I hasten to add that I’m not dismissing the proposal out of hand; it deserves consideration. But it will cost, and where would the money come from? Presumably not by borrowing, so… cuts?

According to the Conservative Central HQ guidance on the 2.5 per cent VAT cut, it isn’t a “cut” because it “will need to be paid for by other means (such as general taxation) so it’s effectively a loan anyway.”

So if the VAT cut isn’t a cut, what would Do-Nothing’s latest plan be? It’s surely not good enough to suggest (as many Tory commenters are surely about to on this very site) that if it’s carried out by a Labour government, it’s not a cut, but if it’s carried out by a Tory government, then it is.

UPDATE @ 8.27 pm: On reflection, I think this post is a tad ambiguous. I’m talking about two separate things: tax cuts and cuts in expenditure. So is Do-Nothing’s proposed tax cut an actual tax cut, or is it (as the Tories would have it) in the same league as the VAT cut and not a tax cut? Have I just confused things even further?



Filed under Conservative Party, David Cameron, Economy

18 responses to “When is a cut not a cut?

  1. Simon

    Cameron said it would be paid for by restricting public sector spending increases in 2009-2010. So it’s not a cut.

    BTW. Calling Cameron “do-nothing” is a little childish. Since Brown did nothing to prepare for this recession, you could say he has actually earned the title.

  2. Rory

    That’s the way Tom. Say it often enough and you’ll start believing the Labour party line.

  3. richard

    I’m delighted that your post has given me the opportunity to impart some of my (dubious?) wisdom.

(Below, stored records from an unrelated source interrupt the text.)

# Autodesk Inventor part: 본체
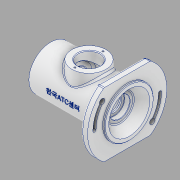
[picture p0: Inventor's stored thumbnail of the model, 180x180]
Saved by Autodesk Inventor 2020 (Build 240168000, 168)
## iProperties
Created: 2022-05
Part Number: 본체
Material: 알루미늄 6061
Document SubType Name: Modeling
Designer: Student
Density: 2.7 g/cm^3
Appearance: 알루미늄 - 평지
Mass: 691.495 g
Surface Area: 623.5 cm^2
Volume: 256.109 cm^3
Author: Student
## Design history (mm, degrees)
sketch "스케치2"
  geometry: L1 (47, 33.985)-(47, -33.985); L2 (-47, 33.985)-(-47, -33.985); A1 r 58 centre (0, 0) between (47, 33.985) and (-47, 33.985); A2 r 58 centre (0, 0) between (-47, -33.985) and (47, -33.985); 5 further points
  constraints: 6 point on circle, 4 end point, 2 centre point, 2 horizontal alignment, 2 midpoint, 2 vertical, 2 vertical alignment, 1 coincident
  dimensions: "d0" = 58 radius of A1; "d1" = 94 distance between parallel lines of L2 L1
extrude "돌출1" new body sketch "스케치2" distance "d2" = 10; taper "d3" = 0 deg
sketch "스케치3"
  geometry: C1 r 36 at (0, 0); 1 further point
  constraints: 1 centre point, 1 coincident
  dimensions: "d4" = 72 diameter of C1
extrude "돌출2" join sketch "스케치3" distance "d5" = 3; taper "d6" = 0 deg
sketch "스케치4"
  geometry: C1 r 32 at (0, 0); 1 further point
  constraints: 1 centre point, 1 coincident
  dimensions: "d7" = 64 diameter of C1
extrude "돌출3" join sketch "스케치4" distance "d8" = 102; taper "d9" = 0 deg
sketch "스케치5"
  geometry: L1 (13, -36)-(13, 36) reference; L2 (-9, 11)-(-11, 11); L3 (-11, 11)-(-11, 15); L4 (-11, 15)-(-16, 15); L5 (-16, 15)-(-16, 17.5); L6 (-16, 17.5)-(-27, 17.5); L7 (-27, 17.5)-(-27, 27); L8 (-27, 27)-(-65, 27); L9 (10, -47)-(10, 47) reference; L10 (-133.779, 0)-(159.779, 0); L11 (13, 30)-(13, 0); L12 (13, 30)-(-1, 20); L13 (-1, 20)-(-1, 15.404); L14 (0, -47)-(0, 47) reference; L15 (-9, 11)-(-9, 15); L16 (-9, 15)-(-1.7, 15); L17 (-1.7, 15)-(-1, 15.404); L18 (-102, 32)-(-102, -32) reference; L19 (-65, 27)-(-65, 17.5); L20 (-65, 17.5)-(-76, 17.5); L21 (-76, 17.5)-(-76, 18.5); L22 (-76, 18.5)-(-77.75, 18.5); L23 (-77.75, 18.5)-(-77.75, 17.5); L24 (-77.75, 17.5)-(-80, 17.5); L25 (-80, 17.5)-(-80, 22.5); L26 (-80, 22.5)-(-91, 22.5); L27 (-91, 22.5)-(-91, 24); L28 (-91, 24)-(-94, 24); L29 (-94, 24)-(-94, 0); L30 (13, 0)-(-94, 0); 2 further points
  constraints: 52 end point, 13 perpendicular, 5 horizontal, 3 vertical, 2 midpoint, 2 point on line, 1 coincident, 1 collinear, 1 parallel
  dimensions: "d10" = 60 diameter of L11.start L10; "d11" = 40 diameter of L12.end L10; "d12" = 22 diameter of L2 L10; "d13" = 14 distance between parallel lines of L1 L13; "d14" = 30 deg angle of L16 L17; "d15" = 0.7 horizontal distance of L13.end L16.end; "d16" = 7.3 distance of L15.end L16.end; "d17" = 30 diameter of L16 L10; "d18" = 5 distance of L3.end L4.end; "d19" = 29 distance from line of L1 L4.end; "d20" = 54 diameter of L8 L10; "d21" = 30 diameter of L4 L10; "d22" = 35 diameter of L6 L10; "d23" = 11 distance of L5.end L6.end; "d24" = 38 distance of L7.end L8.end; "d47" = 35 diameter of L20 L10; "d48" = 11 distance of L19.end L20.end; "d51" = 1.75 distance of L21.end L22.end; "d52" = 37 diameter of L22 L10; "d53" = 4 horizontal distance of L21.end L24.end; "d54" = 35 diameter of L24 L10; "d55" = 45 diameter of L26 L10; "d56" = 48 diameter of L28 L10; "d58" = 8 distance between parallel lines of L18 L29; "d59" = 3 distance of L27.end L28.end; "d156" = 146.77878 distance from line of L10.end L1
revolve "회전1" sketch "스케치5" stored, may be unused: angle "d60" = 90 deg
sketch "스케치6"
  geometry: 2 further points
  constraints: 1 coincident
hole "구멍1" sketch "스케치6" at (0, 0) diameter "d61" = 43.376; stored, may be unused: countersink angle "d65" = 90 deg, drill point angle "d67" = 0 deg; dims "d62" = 8, "d63" = 4, "d64" = 2, "d66" = 10
chamfer "모따기1" distance "d68" = 1; stored, may be unused: second distance "d69" = 2, angle "d70" = 45 deg
chamfer "모따기2" distance "d71" = 1; stored, may be unused: second distance "d72" = 2, angle "d73" = 45 deg
chamfer "모따기3" distance "d74" = 1; stored, may be unused: second distance "d75" = 2, angle "d76" = 45 deg
fillet "모깎기1" dims "d77" = 3
fillet "모깎기2" dims "d78" = 0.5
fillet "모깎기3" dims "d79" = 0.6
sketch "스케치10"
  geometry: L1 (0, 0)-(-36.77, 30.854); L2 (-61.812, 0)-(67.211, 0); L3 (36.77, -30.854)-(0, 0); A1 r 48 centre (0, 0) between (-36.77, 30.854) and (36.77, -30.854); A2 r 48 centre (0, 0) between (-36.77, 30.854) and (-48, 0); A3 r 50.25 centre (0, 0) between (-38.494, 32.3) and (-50.25, 0); A4 r 45.75 centre (0, 0) between (-35.047, 29.408) and (-45.75, 0); A5 r 2.25 centre (-36.77, 30.854) between (-35.047, 29.408) and (-38.494, 32.3); A6 r 2.25 centre (-48, 0) between (-50.25, 0) and (-45.75, 0); A7 r 48 centre (0, 0) between (36.77, -30.854) and (48, 0); A8 r 50.25 centre (0, 0) between (38.494, -32.3) and (50.25, 0); A9 r 45.75 centre (0, 0) between (35.047, -29.408) and (45.75, 0); A10 r 2.25 centre (36.77, -30.854) between (35.047, -29.408) and (38.494, -32.3); A11 r 2.25 centre (48, 0) between (50.25, 0) and (45.75, 0); 1 further point
  constraints: 22 point on circle, 11 centre point, 8 tangent, 6 end point, 3 coincident, 2 horizontal alignment, 1 concentric, 1 horizontal
  dimensions: "d99" = 96 diameter of A1; "d100" = 4.5 diameter of A6; "d101" = 40 deg angle of L2 L1; "d102" = 4.5 diameter of A11; "d103" = 40 deg angle of L3 L2
extrude "돌출6" cut sketch "스케치10" distance "d104" = 5.6; taper "d105" = 0 deg
sketch "스케치11"
  geometry: A1 r 2.25 centre (-36.77, 30.854) between (-35.047, 29.408) and (-38.494, 32.3) reference; A2 r 50.25 centre (0, 0) between (-38.494, 32.3) and (-50.25, 0) reference; A3 r 2.25 centre (-48, 0) between (-50.25, 0) and (-45.75, 0) reference; A4 r 45.75 centre (0, 0) between (-35.047, 29.408) and (-45.75, 0) reference; A5 r 50.25 centre (0, 0) between (38.494, -32.3) and (50.25, 0) reference; A6 r 2.25 centre (48, 0) between (50.25, 0) and (45.75, 0) reference; A7 r 45.75 centre (0, 0) between (35.047, -29.408) and (45.75, 0) reference; A8 r 2.25 centre (36.77, -30.854) between (35.047, -29.408) and (38.494, -32.3) reference; A9 r 48 centre (0, 0) between (-36.77, 30.854) and (-48, 0); A10 r 52 centre (0, 0) between (-39.834, 33.425) and (-52, 0); A11 r 44 centre (0, 0) between (-33.706, 28.283) and (-44, 0); A12 r 4 centre (-36.77, 30.854) between (-33.706, 28.283) and (-39.834, 33.425); A13 r 4 centre (-48, 0) between (-52, 0) and (-44, 0); A14 r 48 centre (0, 0) between (36.77, -30.854) and (48, 0); A15 r 52 centre (0, 0) between (39.834, -33.425) and (52, 0); A16 r 44 centre (0, 0) between (33.706, -28.283) and (44, 0); A17 r 4 centre (36.77, -30.854) between (33.706, -28.283) and (39.834, -33.425); A18 r 4 centre (48, 0) between (52, 0) and (44, 0); 1 further point
  constraints: 20 point on circle, 10 centre point, 8 tangent, 2 coincident, 1 concentric
  dimensions: "d106" = 8 diameter of A12; "d107" = 8 diameter of A17 (derived)
extrude "돌출7" cut sketch "스케치11" distance "d108" = 4.4; taper "d109" = 0 deg
sketch "스케치12"
  geometry: A1 r 2.25 centre (-36.77, 30.854) between (-35.047, 29.408) and (-38.494, 32.3) reference; A2 r 2.25 centre (48, 0) between (50.25, 0) and (45.75, 0) reference; A3 r 2.25 centre (36.77, -30.854) between (35.047, -29.408) and (38.494, -32.3) reference; 1 further point
hole "구멍3" sketch "스케치12" at (-36.77, 30.854), (36.77, -30.854) diameter "d110" = 8; stored, may be unused: countersink angle "d114" = 90 deg, drill point angle "d116" = 0 deg; dims "d111" = 8, "d112" = 4, "d113" = 2, "d115" = 10
node "작업 평면1"
sketch "스케치13"
  geometry: L1 (102, -32)-(102, 32) reference; L2 (-10, -33.985)-(-10, 33.985) reference; C1 r 25 at (46, 0); 2 further points
  constraints: 1 centre point, 1 horizontal alignment, 1 midpoint
  dimensions: "d118" = 50 diameter of C1; "d119" = 56 distance from line of L1 C1.centre
extrude "돌출8" join sketch "스케치13" stored distance "d120" = 4.4; taper "d121" = 5 deg
sketch "스케치14"
  geometry: C1 r 25 at (0, 0) reference; 1 further point
hole "구멍4" sketch "스케치14" at (0, 0) diameter "d122" = 32; stored, may be unused: countersink angle "d126" = 90 deg, drill point angle "d128" = 0 deg; dims "d123" = 8, "d124" = 4, "d125" = 2, "d127" = 35
sketch "스케치15"
  geometry: A1 r 20.5 centre (0, 0) between (0, 20.5) and (0, -20.5); 1 further point
  constraints: 2 point on circle, 1 centre point, 1 vertical alignment
  dimensions: "d129" = 41 diameter of A1; "d130" = 50.3612 distance of point (46, 0) A1.start; "d131" = 46 distance of point (46, 0) A1.centre; "d132" = 50.3612 distance of point (46, 0) A1.end
hole "구멍5" sketch "스케치15" at (0, 20.5), (0, -20.5) diameter "d133" = 2.459; stored, may be unused: countersink angle "d137" = 90 deg, drill point angle "d139" = 118 deg; dims "d134" = 6, "d135" = 4, "d136" = 2, "d138" = 8
node "작업 평면2"
sketch "스케치16"
  geometry: L1 (-80.339, 10.962)-(-23.661, 10.962); L2 (-23.661, 10.962)-(-23.661, -10.962); L3 (-23.661, -10.962)-(-80.339, -10.962); L4 (-80.339, -10.962)-(-80.339, 10.962); L5 (-23.661, 0)-(-80.339, 0); L6 (-52, 10.962)-(-52, -10.962); L7 (10, -47)-(10, 47) reference; L8 (10, 0)-(4.4, 0) reference; 3 further points
  constraints: 6 midpoint, 4 end point, 1 horizontal alignment, 2 other
  dimensions: "d141" = 62 distance between parallel lines of L7 L6
feature "엠보싱1" sketch "스케치16" dims "d0" = 58, "d1" = 94, "d142" = 0.5, "d143" = 0
chamfer "모따기4" distance "d144" = 1; stored, may be unused: second distance "d145" = 2, angle "d146" = 45 deg
fillet "모깎기4" dims "d147" = 3
fillet "모깎기5" dims "d148" = 3
fillet "모깎기6" dims "d149" = 3
chamfer "모따기5" distance "d150" = 1; stored, may be unused: second distance "d151" = 2, angle "d152" = 45 deg
chamfer "모따기6" distance "d153" = 1; stored, may be unused: second distance "d154" = 2, angle "d155" = 45 deg
node "솔리드1"
node "투영된 루프2"
node "투영된 루프3"
feature "A9D066F2-1C7D-4E18-AEED-F7BC21143FA4" dims "d61" = 43.376, "d62" = 8, "d63" = 4, "d64" = 2, "d65" = 90 deg, "d66" = 10, "d67" = 0
other parameters: "d117" = 38
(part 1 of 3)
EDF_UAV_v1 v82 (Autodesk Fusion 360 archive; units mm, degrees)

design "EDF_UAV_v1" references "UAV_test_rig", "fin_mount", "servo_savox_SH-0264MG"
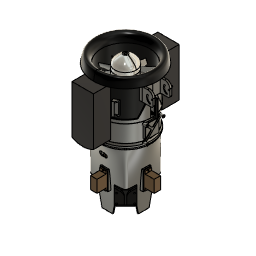
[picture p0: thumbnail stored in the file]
sketch "Sketch1" plane through (0, 0, 0) normal (0, 0, 1) x axis (1, 0, 0)
  circle C1 centre (0, 0) radius 44.7
  circle C2 centre (0, 0) radius 46.75
  point P1 (0, 0)
  point P2 (0, 0)
  coincident P1 P2
  concentric C1 C2
  dimension "d1" diameter C1 = 89.4
  dimension "d486" diameter C2 = 93.5
extrude "Extrude1" new body sketch "Sketch1" profile of C1 along normal blind 63
sketch "Sketch2" plane through (0, 0, 0) normal (0, 0, 1) x axis (1, 0, 0)
  circle C1 centre (0, 0) radius 21.6
  dimension "d51" diameter C1 = 43.2
extrude "Extrude2" new body sketch "Sketch2" along normal blind 40
sketch "Sketch8" plane through (0, 0, 0) normal (0, 0, -1) x axis (1, 0, 0)
  circle C1 centre (0, 0) radius 21.6
  circle C2 centre (0, 0) radius 21.6
  circle C3 centre (0, 0) radius 20
  point P1 (0, 0)
  point P3 (0, 0)
  coincident P1 P3
  concentric C2 C3
  equal C1 C2
  dimension "d176" diameter C3 = 40
extrude "Extrude7" cut sketch "Sketch8" profile of C3 against normal blind 30
sketch "Sketch9" plane through (0, 0, 40) normal (0, 0, 1) x axis (-1, 0, 0)
  line L1 (0, 27) -> (0, -28)
  line L2 (21.3145, -3.5) -> (12.25, -3.5)
  line L3 (21.3145, 3.5) -> (12.25, 3.5)
  line L4 (-14.3541, 0) -> (31.6459, 0)
  line L5 (-21.3145, 3.5) -> (-12.25, 3.5)
  line L6 (-21.3145, -3.5) -> (-12.25, -3.5)
  circle C1 centre (0, 0) radius 21.6
  circle C2 centre (0, 0) radius 21.6
  arc A1 centre (0, 0) radius 21.6 clockwise from (21.3145, 3.5) to (21.3145, -3.5)
  arc A2 centre (0, 0) radius 21.6 clockwise from (0, -21.6) to (0, 21.6)
  arc A3 centre (12.25, 0) radius 3.5 clockwise from (12.25, -3.5) to (12.25, 3.5)
  arc A4 centre (0, 0) radius 21.6 clockwise from (-21.3145, -3.5) to (-21.3145, 3.5)
  arc A5 centre (-12.25, 0) radius 3.5 clockwise from (-12.25, 3.5) to (-12.25, -3.5)
  point P5 (0, 0)
  point P7 (0, 0)
  point P12 (0, -21.6)
  point P13 (0, 21.6)
  point P14 (0, 0)
  point P6 (12.25, 0)
  point P17 (21.3145, 3.5)
  point P18 (21.3145, 3.5)
  point P9 (12.25, -3.5)
  point P25 (-12.25, -3.5)
  point P10 (21.3145, -3.5)
  point P20 (-21.3145, -3.5)
  point P11 (12.25, 3.5)
  point P22 (-12.25, 3.5)
  point P23 (-21.3145, 3.5)
  point P21 (-21.3145, 3.5)
  vertical L1
  coincident L1 P5
  coincident P5 P7
  equal C2 A1
  horizontal L2
  horizontal L3
  tangent L2 A3
  tangent L3 A3
  coincident L1 P12
  coincident L1 P13
  concentric A1 A2
  horizontal L4
  coincident P14 L4
  coincident P6 L4
  coincident A1 P17
  coincident L3 P18
  symmetric L1 P9 P25
  symmetric L1 P10 P20
  symmetric L1 P11 P22
  symmetric L1 A1 A4
  symmetric L1 A3 A5
  symmetric L1 P17 P23
  symmetric L1 P18 P21
  dimension "d177" distance L2 L3 = 7
  dimension "d178" = 24.5
extrude "Extrude8" cut sketch "Sketch9" profile of C1 A3 A2 C2 L2 L3 A4 L5 A5 L6 against normal blind 7
sketch "Sketch10" plane through (0, 0, 40) normal (0, 0, 1) x axis (-1, 0, 0)
  line L1 (-12.25, 3.5) -> (-21.3145, 3.5)
  line L2 (-21.3145, -3.5) -> (-12.25, -3.5)
  line L3 (12.25, -3.5) -> (21.3145, -3.5)
  line L4 (21.3145, 3.5) -> (12.25, 3.5)
  line L5 (-28.5897, 0) -> (22.8656, 0)
  line L6 (0, 21.6) -> (0, -27)
  line L7 (0, 0) -> (7.7782, -7.7782)
  line L8 (-7.7782, -7.7782) -> (0, 0)
  arc A1 centre (-12.25, 0) radius 3.5 clockwise from (-12.25, 3.5) to (-12.25, -3.5)
  arc A2 centre (0, 0) radius 21.6 clockwise from (21.3145, -3.5) to (-21.3145, -3.5)
  arc A3 centre (12.25, 0) radius 3.5 clockwise from (12.25, -3.5) to (12.25, 3.5)
  arc A4 centre (0, 0) radius 21.6 clockwise from (-21.3145, 3.5) to (21.3145, 3.5)
  arc A5 centre (0, 0) radius 11 clockwise from (7.7782, -7.7782) to (-7.7782, -7.7782)
  arc A6 centre (0, 0) radius 12.5 clockwise from (8.8388, -8.8388) to (-8.8388, -8.8388)
  arc A7 centre (0, 0) radius 9.5 clockwise from (6.7175, -6.7175) to (-6.7175, -6.7175)
  arc A8 centre (-7.7782, -7.7782) radius 1.5 clockwise from (-8.8388, -8.8388) to (-6.7175, -6.7175)
  arc A9 centre (7.7782, -7.7782) radius 1.5 clockwise from (6.7175, -6.7175) to (8.8388, -8.8388)
  circle C1 centre (0, 0) radius 7
  arc A10 centre (0, 0) radius 9.5 clockwise from (-6.7175, 6.7175) to (6.7175, 6.7175)
  arc A11 centre (7.7782, 7.7782) radius 1.5 clockwise from (8.8388, 8.8388) to (6.7175, 6.7175)
  arc A12 centre (0, 0) radius 12.5 clockwise from (-8.8388, 8.8388) to (8.8388, 8.8388)
  arc A13 centre (-7.7782, 7.7782) radius 1.5 clockwise from (-6.7175, 6.7175) to (-8.8388, 8.8388)
  circle C2 centre (12.25, 0) radius 1.5
  point P17 (0, 0)
  point P23 (0, 0)
  point P18 (8.8388, 8.8388)
  point P24 (8.8388, -8.8388)
  point P13 (-8.8388, -8.8388)
  point P15 (-8.8388, 8.8388)
  point P19 (-6.7175, 6.7175)
  point P25 (-6.7175, -6.7175)
  point P22 (6.7175, 6.7175)
  point P26 (6.7175, -6.7175)
  point P1 (0, 0)
  point P32 (0, 21.6)
  point P14 (-7.7782, -7.7782)
  point P30 (7.7782, -7.7782)
  point P33 (7.7782, -7.7782)
  point P34 (0, 0)
  point P35 (0, 0)
  point P36 (-7.7782, -7.7782)
  point P29 (12.25, 0)
  tangent A6 A8
  tangent A7 A8
  tangent A7 A9
  tangent A6 A9
  coincident P17 P23
  coincident P17 L5
  symmetric P18 P24 L5
  symmetric P13 P15 L5
  symmetric P19 P25 L5
  symmetric P22 P26 L5
  symmetric A6 L5 A12
  symmetric A8 L5 A13
  symmetric A7 L5 A10
  symmetric A9 L5 A11
  horizontal L5
  coincident P1 L5
  coincident P1 P17
  midpoint A4 P32
  vertical L6
  symmetric P14 P30 L6
  coincident P30 P33
  coincident P17 P34
  coincident P1 P35
  coincident P14 P36
  coincident P29 L5
  concentric A3 C2
  dimension "d179" diameter C1 = 14
  dimension "d180" diameter C2 = 3
  dimension "d181" distance A6 A7 = 3
  dimension "d182" diameter A5 = 22
  dimension "d183" angle L7 L8 = 90
extrude "Extrude9" cut sketch "Sketch10" profile of A6 A7 A8 A9 C1 A10 A11 A12 A13 no distance stored
work_plane "WorkPlane1" RotateAngle 0
sketch "Sketch3" plane through (0, -21.6, 25.8865) normal (0, -1, 0) x axis (1, 0, 0)
  curve K1 (1, 3) -> (3, -23.8865)
  curve K2 (3, -23.8865) -> (1, 3)
  line L1 (-44.7, -25.8865) -> (44.7, -25.8865)
  point P2 (3, -23.8865)
  point P4 (4, 6.1135)
  dimension "d10" distance P2 L1 = 2
  dimension "d11" distance P2 P4 = 30
extrude "Extrude3" add sketch "Sketch3" profile of K1 K2 to an object Side2Offset 0
circular_pattern "C-Pattern1" TotalAngle 360
work_plane "WorkPlane2" RotateAngle 0
sketch "Sketch5" plane through (-44.7, 0, 31.321) normal (1, 0, 0) x axis (0, 1, 0)
  line L1 (3.2, -1.321) -> (0, -1.321)
  line L2 (3.2, -31.321) -> (3.2, -1.321)
  line L3 (0, -31.321) -> (3.2, -31.321)
  line L4 (0, -1.321) -> (0, -31.321)
  point P6 (0, -31.321)
  point P4 (3.2, -31.321)
  point P5 (0, -31.321)
  point P3 (3.2, -1.321)
  horizontal L1
  vertical L2
  horizontal L3
  vertical L4
  coincident L3 P6
  coincident L4 P6
  dimension "d27" distance P4 P5 = 3.2
  dimension "d28" distance P3 P4 = 30
extrude "Extrude5" add sketch "Sketch5" blind -12 Side2Offset 0
sketch "Sketch6" plane through (0, 0, 0) normal (0, -1, 0) x axis (1, 0, 0)
  line L1 (-46.75, 0) -> (-56.7, 0)
  line L2 (-56.7, 0) -> (-56.7, 30)
  line L3 (-56.7, 30) -> (-46.75, 30)
  line L4 (-46.75, 30) -> (-46.75, 0)
  circle C1 centre (-51.2, 22.5) radius 1.65
  circle C2 centre (-51.2, 7.5) radius 1.65
  point P6 (-51.2, 22.5)
  point P7 (-51.2, 7.5)
  vertical P6 P7
  equal C1 C2
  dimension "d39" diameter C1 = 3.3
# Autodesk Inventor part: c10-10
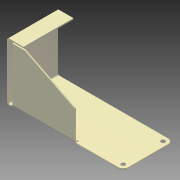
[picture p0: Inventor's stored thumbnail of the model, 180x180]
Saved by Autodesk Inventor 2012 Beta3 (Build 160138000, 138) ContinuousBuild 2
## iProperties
Created: 2011-01
Part Number: c10-10
Material: Steel, Mild
Document SubType Name: Sheet Metal
Designer: Beta-8540w
Density: 7.86 g/cm^3
Sheet Metal Rule: Steel - 16ga
Author: Beta-8540w
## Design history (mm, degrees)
sketch "Sketch1"
  geometry: L1 (-72.551, 64.215)-(-72.551, 124.215); L2 (-5.2, 64.215)-(-5.2, 124.215); L3 (0, 65.539)-(75, 65.539); L4 (133.476, 70.215)-(133.476, 118.215); L5 (76.524, 64.215)-(127.476, 64.215); L6 (0, 0)-(0, 67.263); L7 (75, 67.263)-(75, 30.34); L8 (75, 30.34)-(15, 0); L9 (15, 0)-(0, 0); L10 (-1.524, 67.263)-(-1.524, 64.215); L11 (76.524, 64.215)-(76.524, 67.263); L12 (-91.226, 64.215)-(-1.524, 64.215); L13 (127.476, 124.215)-(-91.226, 124.215); L14 (-91.226, 124.215)-(-91.226, 64.215); C1 r 2.553 at (127.476, 118.215); C2 r 2.553 at (127.476, 70.215); A1 r 6 centre (127.476, 118.215) between (133.476, 118.215) and (127.476, 124.215); A2 r 6 centre (127.476, 70.215) between (127.476, 64.215) and (133.476, 70.215); A3 r 0.762 centre (-0.762, 67.263) between (0, 67.263) and (-1.524, 67.263); A4 r 0.762 centre (75.762, 67.263) between (76.524, 67.263) and (75, 67.263); 10 further points
  constraints: 28 end point, 8 point on circle, 6 centre point, 6 point on line, 3 other
node "Face1"
feature "Fold1" dims "d1" = 1.524 (= BendReliefWidth), "d2" = 0.762 (= BendReliefDepth), "d3" = 3.048 (= MinimumRemnant), "d4" = 1.524 (= BendRadius), "d5" = 90 deg, "d6" = 1.524 (= BendRadius), "SeamGap" = 0.01, "Thickness" = 1.524 (derived)
feature "Fold2" dims "d7" = 1.524 (= BendReliefWidth), "d8" = 0.762 (= BendReliefDepth), "d9" = 3.048 (= MinimumRemnant), "d10" = 1.524 (= BendRadius), "d11" = 90 deg, "d12" = 1.524 (= BendRadius), "SeamGap" = 0.01, "Thickness" = 1.524 (derived)
feature "Fold3" dims "d13" = 1.524 (= BendReliefWidth), "d14" = 0.762 (= BendReliefDepth), "d15" = 3.048 (= MinimumRemnant), "d16" = 1.524 (= BendRadius), "d17" = 90 deg, "d18" = 1.524 (= BendRadius), "SeamGap" = 0.01, "Thickness" = 1.524 (derived)
body "Solid1"
face "Plate1" dims "Thickness" = 1.524 (derived)
other parameters: "BendRadius" = 1.524 (= Thickness), "BendReliefWidth" = 1.524 (= Thickness), "BendReliefDepth" = 0.762 (= 0.5 x Thickness), "CornerReliefSize" = 6.096 (= 4 x Thickness), "MinimumRemnant" = 3.048 (= 2 x Thickness), "TransitionRadius" = 1.524 (= BendRadius), "JacobiRadiusSize" = 1.524 (= BendRadius), "GapSize" = 0.762 (= 0.5 x Thickness), "d0" = 1.524 (= BendRadius)
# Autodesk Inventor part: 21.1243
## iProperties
Created: 2006-02
Part Number: 21.1243
Material: Steel, Mild
Description: M6 x 30 SHCS
Document SubType Name: Modeling
Standard: DIN 7984
Designer: Andy Moles
Standards Organization: DIN
Language: en-US
Size Designation: M6 x 30
Categories: <MemberInstance><Categories><Category DisplayName="Fasteners" InternalName="e4da775c-781d-43d5-af7c-5136215cf5a6" Mnemonic="FSTN"><Category DisplayName="Bolts"
Density: 1 g/cm^3
Vendor: S
Author: Andy Moles
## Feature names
1. Body [Revolution]
2. Slot [Extrusion]
3. Fillet1
4. Chamfer1

This may get a bit technical so I’ll clarify any questions later;

    A “cut” is where the government spends less money then they did the previous year, an “increase” is where the government spends more money than they did the previous year.

    Sounds simple doesn’t it? No? I’ll try again;

    Shuffling the money from one pot to another (i.e. paying pensioners more money by reducing spending on quangos) isn’t a cut, it’s a “redistribution” of funds.

    A 2.5% “cut” in VAT isn’t a cut if you it causes a £12Bn shortfall which you fill by borrowing an additional £12Bn. It would only be a cut if it was accompanied by a similar reduction in the level of general taxation and/or a lowering of spending in other areas.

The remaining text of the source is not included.